According to the US Department of Labor, earnings for line installers and repairers are significantly higher than those in most other jobs that do not demand a college education. Median hourly earnings for electrical power-line installers and repairers are approximately $24.41. The middle fifty percent earn somewhere between $18.73 and $28.90. The lowest ten percent earn less than $13.96, and the highest ten percent earn more than $34.20.


Who are some influential professionals in this field?

Oleg Logvnov, President and CEO of Arkados Designs, is a leader in the industry. His company designs and develops solutions that facilitate broadband communication over standard electricity lines, known as "the power line network." His organization has forged the world's only open alliance that offers all-in-one high speed transmission over AC electrical lines.
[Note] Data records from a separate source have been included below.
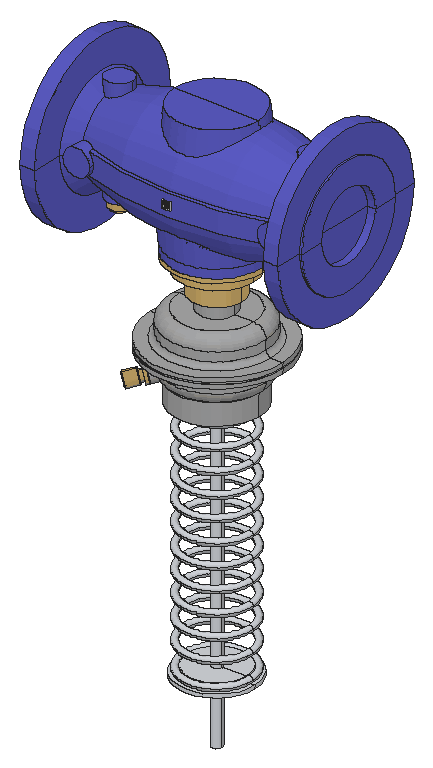
Revit family "Differenzdruckregler F_4007_20-80kPa_HF", category Rohrzubehör, Revit 2020
Family settings
  Bemaßung runder Anschluss = Durchmesser verwenden
  Teiletyp = Unterbricht
  OmniClass-Nummer = 23.65.55.14
  OmniClass-Titel = Valves for Liquid Services
  Arbeitsebenenbasiert = Nein
  Immer vertikal = Ja
  Beim Laden mit Abzugskörper schneiden = Nein
  Gemeinsam genutzt = Nein
Parameters
  Vorgabe-Ansicht = 0 mm
  Min. Betriebstemperatur (Frostschutz) = -10 °C  # constant formula
  Min. Betriebstemperatur = 2 °C  # constant formula
  Max. Betriebsdruck = 1600000.0 Pa  # constant formula
  Max. Betriebstemperatur = 110 °C  # constant formula
  URL = "www.herz-armaturen.at"
  Sollwertfeder = "EN 10270-1-SH"  # constant formula
  SCRNSEQ = "ARM;ARM_TYP=\"DIFR\";2"
  SCRNCODE = "05;03;02"  # constant formula
  S02 [instance] = H03 + H13  # 141 mm
  S01 [instance] = (2 * H02) + (2 * H04) + H05  # 72.7 mm
  R99 = 14 mm  # constant formula
  R98 = 6 mm  # constant formula
  R97 = 2 mm  # constant formula
  R02 = 15.5 mm  # constant formula
  R01 [instance] = size_lookup("4007_F_20-80_HF", "R1", 45.5 mm, Nennweite)  # 63.5 mm
  R00 [instance] = size_lookup("4007_F_20-80_HF", "R", 53 mm, Nennweite)  # 70 mm
  Nennweite [instance] = 80 mm
  Membrane und O-Ringe = "EPDM"  # constant formula
  Medium = "Die Verwendung von Ethylen- und Propylenglykol ist im Mischungsverhältnis 25 - 50 % zulässig. Heizwasserqualität entsprechend ÖNORM H 5195 bzw. VDI-Richtlinie 2035"
  L05 [instance] = L04 - 6.3 mm  # 114.7 mm
  L04 [instance] = size_lookup("4007_F_20-80_HF", "L4", 81 mm, Nennweite)  # 121 mm
  L03 = 10 mm  # constant formula
  L02 [instance] = size_lookup("4007_F_20-80_HF", "L2", 15 mm, Nennweite)  # 17 mm
  L01 = 3 mm  # constant formula
  L00 [instance] = size_lookup("4007_F_20-80_HF", "L", 115 mm, Nennweite)  # 155 mm
  Hersteller = "HERZ Armaturen Ges.m.b.H."  # constant formula
  H19 [instance] = size_lookup("4007_F_20-80_HF", "H19", 9 mm, Nennweite)  # 603 mm
  H18 [instance] = H19 - 75 mm  # 528 mm
  H17 = 6 mm  # constant formula
  H16 = 10 mm  # constant formula
  H15 = 24.5 mm  # constant formula
  H14 = 5 mm  # constant formula
  H13 = 17 mm  # constant formula
  H12 [instance] = R00 + 4 mm  # 74 mm
  H11 [instance] = R00 + 10 mm  # 80 mm
  H10 = 5 mm  # constant formula
  H09 [instance] = size_lookup("4007_F_20-80_HF", "H9", 9 mm, Nennweite)  # 11 mm
  H08 = 21 mm  # constant formula
  H07 [instance] = R00 + 23.4 mm  # 93.4 mm
  H06 [instance] = D12 + 15 mm  # 63.5 mm
  H05 = 2.5 mm  # constant formula
  H04 = 4.6 mm  # constant formula
  H03 [instance] = H08 + H09 + H10 + H11 + H14 + R97  # 124 mm
  H02 [instance] = size_lookup("4007_F_20-80_HF", "H2", 30.5 mm, Nennweite)  # 30.5 mm
  H01 [instance] = size_lookup("4007_F_20-80_HF", "H1", 210 mm, Nennweite)  # 226 mm
  Gehäuse = "Grauguss GJL250 nach EN 1561"  # constant formula
  Differenzdruck Einstellbereich = "20-80 kPa"  # constant formula
  DN80 [instance] = Nennweite = 80 mm  # yes
  D17 = 6 mm  # constant formula
  D16 = 45 mm  # constant formula
  D15 = 35 mm  # constant formula
  D14 = 50 mm  # constant formula
  D13 [instance] = D11 + 10 mm  # 59 mm
  D12 [instance] = R01 - 15 mm  # 48.5 mm
  D11 [instance] = size_lookup("4007_F_20-80_HF", "D11", 40 mm, Nennweite)  # 49 mm
  D10 [instance] = D11 + 5 mm  # 54 mm
  D09 [instance] = D11 - 5 mm  # 44 mm
  D08 = 24 mm  # constant formula
  D07 = 29.5 mm  # constant formula
  D06 [instance] = size_lookup("4007_F_20-80_HF", "D6", 51 mm, Nennweite)  # 57.8 mm
  D05 [instance] = D04 - 1 mm  # 77 mm
  D04 [instance] = size_lookup("4007_F_20-80_HF", "D4", 51 mm, Nennweite)  # 78 mm
  D03 = 21 mm  # constant formula
  D02 [instance] = Nennweite / 2  # 40 mm
  D01 [instance] = size_lookup("4007_F_20-80_HF", "D1", 51 mm, Nennweite)  # 69 mm
  D00 [instance] = size_lookup("4007_F_20-80_HF", "D", 82.5 mm, Nennweite)  # 100 mm
  Bestellnummer [instance] = if(Nennweite = 80 mm, "F400738", "0")  # "F400738"
  Ausführung = "Der Differenzdruckregler ist ein Proportionalregler in Geradsitzausführung und arbeitet ohne Hilfsenergie für Zweirohranlagen. Der gewünschte Differenzdruck- Sollwert kann zwischen 20 und 80 kPa stufenlos eingestellt werden."
  Anwendung = "Für Heizungs- und Kühlanlagen um den Differenzdruck innerhalb des regeltechnischen Bereiches konstant zu halten."
  Anschlussflansch = "EN 1092-2"  # constant formula
Reference planes
  plane 1 "Mitte (Vorne/hinten)": y = 0
  plane 2: z = -0.015
  plane 3 "Mitte (Links/rechts)": x = 0
Forms (mm)
  Revolve 1, solid, material "Herz-Marineblau", detail levels fine
    sketch origin (1065, 0, 0) x (1, 0, 0) y (0, 1, 0)
      loop
        line (-1217, 100) -> (-1217, 69) -> (-1220, 69) -> (-1220, 40) -> (-1210, 40) -> (-1210, 0) -> (-920, 0) -> (-920, 40) -> (-910, 40) -> (-910, 69) -> (-913, 69) -> (-913, 100) -> (-930, 100) -> (-930, 63.5) -> (-944, 48.5)
        arc (-944, 48.5) -> (-1065, 70) -> (-1186, 48.5) r 351.238
        line (-1186, 48.5) -> (-1200, 63.5) -> (-1200, 100) -> (-1217, 100)
      axis (-1220, 0) -> (-910, 0)
    angle from 0 to 360
  Extrusion 2, solid, material "Herz-Marineblau", detail levels fine
    sketch origin (0, 0, 0) x (1, 0, 0) y (0, 1, 0)
      loop
        circle (-114.7, 0) r 15.5
      loop
        circle (114.7, 0) r 15.5
    from -63.515 to 63.485
  Extrusion 3, solid, material "Herz-Marineblau", detail levels fine
    sketch origin (0, 0, 0) x (-1, 0, 0) y (0, 0, -1)
      loop
        circle (114.7, 0) r 15.5
      loop
        circle (-114.7, 0) r 15.5
    from -63.5 to 63.5
  Revolve 4, solid, material "Herz-Marineblau", detail levels fine
    sketch origin (92.737, 0, -45.97) x (1, 0, 0) y (0, 0, 1)
      loop
        line (-92.737, 119.955) -> (-92.737, -34.045) -> (-38.737, -34.045) -> (-38.737, -24.045) -> (-33.737, 45.97) -> (-43.737, 119.955) -> (-92.737, 119.955)
      axis (-92.737, 119.955) -> (-92.737, -34.045)
    angle from 0 to 360
  Revolve 5, solid, material "Messing", detail levels fine
    sketch origin (446.725, 0, 35.707) x (1, 0, 0) y (0, 0, 1)
      loop
        line (-446.725, -115.722) -> (-446.725, -159.722) -> (-417.225, -159.722) -> (-417.225, -138.722) -> (-422.725, -138.722) -> (-422.725, -133.722) -> (-402.725, -133.722) -> (-402.725, -122.722)
        arc (-402.725, -122.722) -> (-402.14, -121.308) -> (-400.725, -120.722) r 2
        line (-400.725, -120.722) -> (-392.725, -120.722) -> (-392.725, -115.722) -> (-446.725, -115.722)
      axis (-446.725, -159.722) -> (-446.725, -115.722)
    angle from 0 to 360
  Revolve 6, solid, material "Aluminium", detail levels fine
    sketch origin (925.114, 0, 19.41) x (1, 0, 0) y (0, 0, 1)
      loop
        line (-925.114, -143.425) -> (-925.114, -257.625) -> (-875.114, -257.625) -> (-875.114, -233.125) -> (-881.314, -233.125)
        arc (-881.314, -233.125) -> (-871.414, -229.025) -> (-867.314, -219.125) r 14
        line (-867.314, -219.125) -> (-867.314, -208.625)
        arc (-867.314, -208.625) -> (-865.556, -204.383) -> (-861.314, -202.625) r 6
        line (-861.314, -202.625) -> (-847.114, -202.625) -> (-847.114, -198.025) -> (-848.114, -198.025) -> (-848.114, -195.525) -> (-847.114, -195.525) -> (-847.114, -190.925) -> (-861.314, -190.925)
        arc (-861.314, -190.925) -> (-865.556, -189.168) -> (-867.314, -184.925) r 6
        line (-867.314, -184.925) -> (-867.314, -174.425)
        arc (-867.314, -174.425) -> (-871.414, -164.526) -> (-881.314, -160.425) r 14
        line (-881.314, -160.425) -> (-904.114, -160.425) -> (-904.114, -143.425) -> (-925.114, -143.425)
      axis (-925.114, -143.425) -> (-925.114, -257.625)
    angle from 0 to 360
  Extrusion 7, solid, material "Herz-Marineblau", visible <- "DN80", detail levels fine
    sketch origin (0, 0, 0) x (1, 0, 0) y (0, 1, 0)
      loop
        arc (-114.7, -54.973) -> (0, -74) -> (114.7, -54.973) r 355.238
        line (114.7, -54.973) -> (114.7, 54.973)
        arc (114.7, 54.973) -> (0, 74) -> (-114.7, 54.973) r 355.238
        line (-114.7, 54.973) -> (-114.7, -54.973)
    from -12.5 to 12.5
  Revolve 8, solid, detail levels fine
    sketch origin (0, 0, 0) x (1, 0, 0) y (0, 0, 1)
      loop
        line (0, -528.015) -> (45, -528.015) -> (45, -524.015) -> (35, -524.015) -> (35, -518.015) -> (0, -518.015) -> (0, -528.015)
      axis (0, -518.015) -> (0, -528.015)
    angle from 0 to 360
  Revolve 9, solid, detail levels fine
    sketch origin (0, 0, 0) x (1, 0, 0) y (0, 0, 1)
      loop
        line (0, -223.015) -> (0, -603.015) -> (6, -603.015) -> (6, -223.015) -> (0, -223.015)
      axis (0, -223.015) -> (0, -603.015)
    angle from 0 to 360
  Sweep 10, solid, visible <- "DN80", detail levels fine
    path in 3D
      loop
        arc (-39, 0, -241.715) -> (0, -39, -241.715) -> (39, 0, -241.715) r 39
        arc (39, 0, -241.715) -> (0, 39, -241.715) -> (-39, 0, -241.715) r 39
    profile origin (0, 39, -241.715) x (0, -1, 0) y (0, 0, 1)
      loop
        circle (0, 0) r 3.5
  Sweep 11, solid, visible <- "DN80", detail levels fine
    path in 3D
      loop
        arc (-39, 0, -266.715) -> (0, -39, -266.715) -> (39, 0, -266.715) r 39
        arc (39, 0, -266.715) -> (0, 39, -266.715) -> (-39, 0, -266.715) r 39
    profile origin (0, 39, -266.715) x (0, -1, 0) y (0, 0, 1)
      loop
        circle (0, 0) r 3.5
  Sweep 12, solid, visible <- "DN80", detail levels fine
    path in 3D
      loop
        arc (-39, 0, -291.715) -> (0, -39, -291.715) -> (39, 0, -291.715) r 39
        arc (39, 0, -291.715) -> (0, 39, -291.715) -> (-39, 0, -291.715) r 39
    profile origin (0, 39, -291.715) x (0, -1, 0) y (0, 0, 1)
      loop
        circle (0, 0) r 3.5
  Sweep 13, solid, visible <- "DN80", detail levels fine
    path in 3D
      loop
        arc (-39, 0, -316.715) -> (0, -39, -316.715) -> (39, 0, -316.715) r 39
        arc (39, 0, -316.715) -> (0, 39, -316.715) -> (-39, 0, -316.715) r 39
    profile origin (0, 39, -316.715) x (0, -1, 0) y (0, 0, 1)
      loop
        circle (0, 0) r 3.5
  Sweep 14, solid, visible <- "DN80", detail levels fine
    path in 3D
      loop
        arc (-39, 0, -341.715) -> (0, -39, -341.715) -> (39, 0, -341.715) r 39
        arc (39, 0, -341.715) -> (0, 39, -341.715) -> (-39, 0, -341.715) r 39
    profile origin (0, 39, -341.715) x (0, -1, 0) y (0, 0, 1)
      loop
        circle (0, 0) r 3.5
  Sweep 15, solid, visible <- "DN80", detail levels fine
    path in 3D
      loop
        arc (-39, 0, -366.715) -> (0, -39, -366.715) -> (39, 0, -366.715) r 39
        arc (39, 0, -366.715) -> (0, 39, -366.715) -> (-39, 0, -366.715) r 39
    profile origin (0, 39, -366.715) x (0, -1, 0) y (0, 0, 1)
      loop
        circle (0, 0) r 3.5
  Sweep 16, solid, visible <- "DN80", detail levels fine
    path in 3D
      loop
        arc (-39, 0, -391.715) -> (0, -39, -391.715) -> (39, 0, -391.715) r 39
        arc (39, 0, -391.715) -> (0, 39, -391.715) -> (-39, 0, -391.715) r 39
    profile origin (0, 39, -391.715) x (0, -1, 0) y (0, 0, 1)
      loop
        circle (0, 0) r 3.5
  Sweep 17, solid, visible <- "DN80", detail levels fine
    path in 3D
      loop
        arc (-39, 0, -416.715) -> (0, -39, -416.715) -> (39, 0, -416.715) r 39
        arc (39, 0, -416.715) -> (0, 39, -416.715) -> (-39, 0, -416.715) r 39
    profile origin (0, 39, -416.715) x (0, -1, 0) y (0, 0, 1)
      loop
        circle (0, 0) r 3.5
  Sweep 18, solid, visible <- "DN80", detail levels fine
    path in 3D
      loop
        arc (-39, 0, -441.715) -> (0, -39, -441.715) -> (39, 0, -441.715) r 39
        arc (39, 0, -441.715) -> (0, 39, -441.715) -> (-39, 0, -441.715) r 39
    profile origin (0, 39, -441.715) x (0, -1, 0) y (0, 0, 1)
      loop
        circle (0, 0) r 3.5
  Sweep 19, solid, visible <- "DN80", detail levels fine
    path in 3D
      loop
        arc (-39, 0, -466.715) -> (0, -39, -466.715) -> (39, 0, -466.715) r 39
        arc (39, 0, -466.715) -> (0, 39, -466.715) -> (-39, 0, -466.715) r 39
    profile origin (0, 39, -466.715) x (0, -1, 0) y (0, 0, 1)
      loop
        circle (0, 0) r 3.5
  Sweep 20, solid, visible <- "DN80", detail levels fine
    path in 3D
      loop
        arc (-39, 0, -491.715) -> (0, -39, -491.715) -> (39, 0, -491.715) r 39
        arc (39, 0, -491.715) -> (0, 39, -491.715) -> (-39, 0, -491.715) r 39
    profile origin (0, 39, -491.715) x (0, -1, 0) y (0, 0, 1)
      loop
        circle (0, 0) r 3.5
  Sweep 21, solid, visible <- "DN80", detail levels fine
    path in 3D
      loop
        arc (-39, 0, -520.215) -> (0, -39, -520.215) -> (39, 0, -520.215) r 39
        arc (39, 0, -520.215) -> (0, 39, -520.215) -> (-39, 0, -520.215) r 39
    profile origin (0, 39, -520.215) x (0, -1, 0) y (0, 0, 1)
      loop
        circle (0, 0) r 3.5
  Revolve 22, solid, material "Messing, weicher Gelbton, geschweißt", visible <- "DN80", detail levels fine
    sketch origin (4.806, 4.796, -1.426) x (-0.707107, -0.707107, 0) y (0, 0, -1)
      loop
        line (70.524, 205.006) -> (72.604, 195.224) -> (76.516, 196.056) -> (75.643, 200.164) -> (80.534, 201.204) -> (81.133, 198.384) -> (94.817, 201.293) -> (95.511, 202.887) -> (94, 209.996) -> (70.524, 205.006)
      axis (94, 209.996) -> (70.524, 205.006)
    angle from 0 to 360
  Revolve 23, solid, material "Aluminium", visible <- "DN80", detail levels fine
    sketch origin (-31.256, -31.266, -12.266) x (-0.707107, -0.707107, 0) y (0, 0, -1)
      loop
        line (19.524, 194.165) -> (-44.055, 180.651) -> (-42.08, 171.359) -> (21.5, 184.873) -> (19.524, 194.165)
      axis (-44.055, 180.651) -> (19.524, 194.165)
    angle from 0 to 360
  Revolve 24, solid, material "Messing, weicher Gelbton, geschweißt", detail levels fine
    sketch origin (-10, 0, -8) x (1, 0, 0) y (0, 0, 1)
      loop
        line (-104.7, -55.515) -> (-116.7, -55.515) -> (-116.7, -64.515) -> (-113.7, -64.515) -> (-113.7, -68.015) -> (-104.7, -68.015) -> (-104.7, -55.515)
      axis (-104.7, -68.015) -> (-104.7, -55.515)
    angle from 0 to 360
  Revolve 25, solid, material "Messing, weicher Gelbton, geschweißt", detail levels fine
    sketch origin (10, 0, -8) x (-1, 0, 0) y (0, 0, -1)
      loop
        line (-104.7, 55.515) -> (-104.7, 68.015) -> (-113.7, 68.015) -> (-113.7, 64.515) -> (-116.7, 64.515) -> (-116.7, 55.515) -> (-104.7, 55.515)
      axis (-104.7, 68.015) -> (-104.7, 55.515)
    angle from 0 to 360
Lines and regions (mm)
  sketch lines
    curve 1: circle (0, 0, -241.715) r 39 normal (0, 0, 1)
    curve 2: circle (0, 0, -266.715) r 39 normal (0, 0, 1)
    curve 3: circle (0, 0, -291.715) r 39 normal (0, 0, 1)
    curve 4: circle (0, 0, -316.715) r 39 normal (0, 0, 1)
    curve 5: circle (0, 0, -341.715) r 39 normal (0, 0, 1)
    curve 6: circle (0, 0, -366.715) r 39 normal (0, 0, 1)
    curve 7: circle (0, 0, -391.715) r 39 normal (0, 0, 1)
    curve 8: circle (0, 0, -416.715) r 39 normal (0, 0, 1)
    curve 9: circle (0, 0, -441.715) r 39 normal (0, 0, 1)
    curve 10: circle (0, 0, -466.715) r 39 normal (0, 0, 1)
    curve 11: circle (0, 0, -491.715) r 39 normal (0, 0, 1)
    curve 12: circle (0, 0, -520.215) r 39 normal (0, 0, 1)
  model lines, visible <- "DN80", detail levels fine
    curve 13: line (-39, 0, -238.215) -> (39, 0, -238.215)
  model lines, detail levels coarse+medium
    curve 14: line (-155, 0, 99.985) -> (-155, 0, -100.015)
    curve 15: line (-155, 0, -100.015) -> (155, 0, 99.985)
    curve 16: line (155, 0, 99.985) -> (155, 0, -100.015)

The research and development that his organization has accomplished may allow the industry to successfully "work together."

Mogens C. Bay, CEO of Valmont Industries has proven to be an influential professional as he has led his organization to become a leader in the industry while creating ways to conserve natural resources and constantly create more efficient ways to provide power and communication to consumers.

What are some leading organizations in this field?

Along with the above mentioned companies there are several organizations that focus on bringing excellence through education and advocacy to the power line installer/repair workers in the USA. These organizations include: International Brotherhood of Electrical Workers, the Communications Workers of America, Utility Workers Union of America, and The Society of Cable Television Engineers (SCTE).

What are the top cities for Power Line Installer jobs?

According to the US Department of labor the top three paying areas for power line installers/repairers are: Fresno, CA with a mean wage of $82,650, Redding, CA at $75,440 and Fairbanks, AK at $73,810.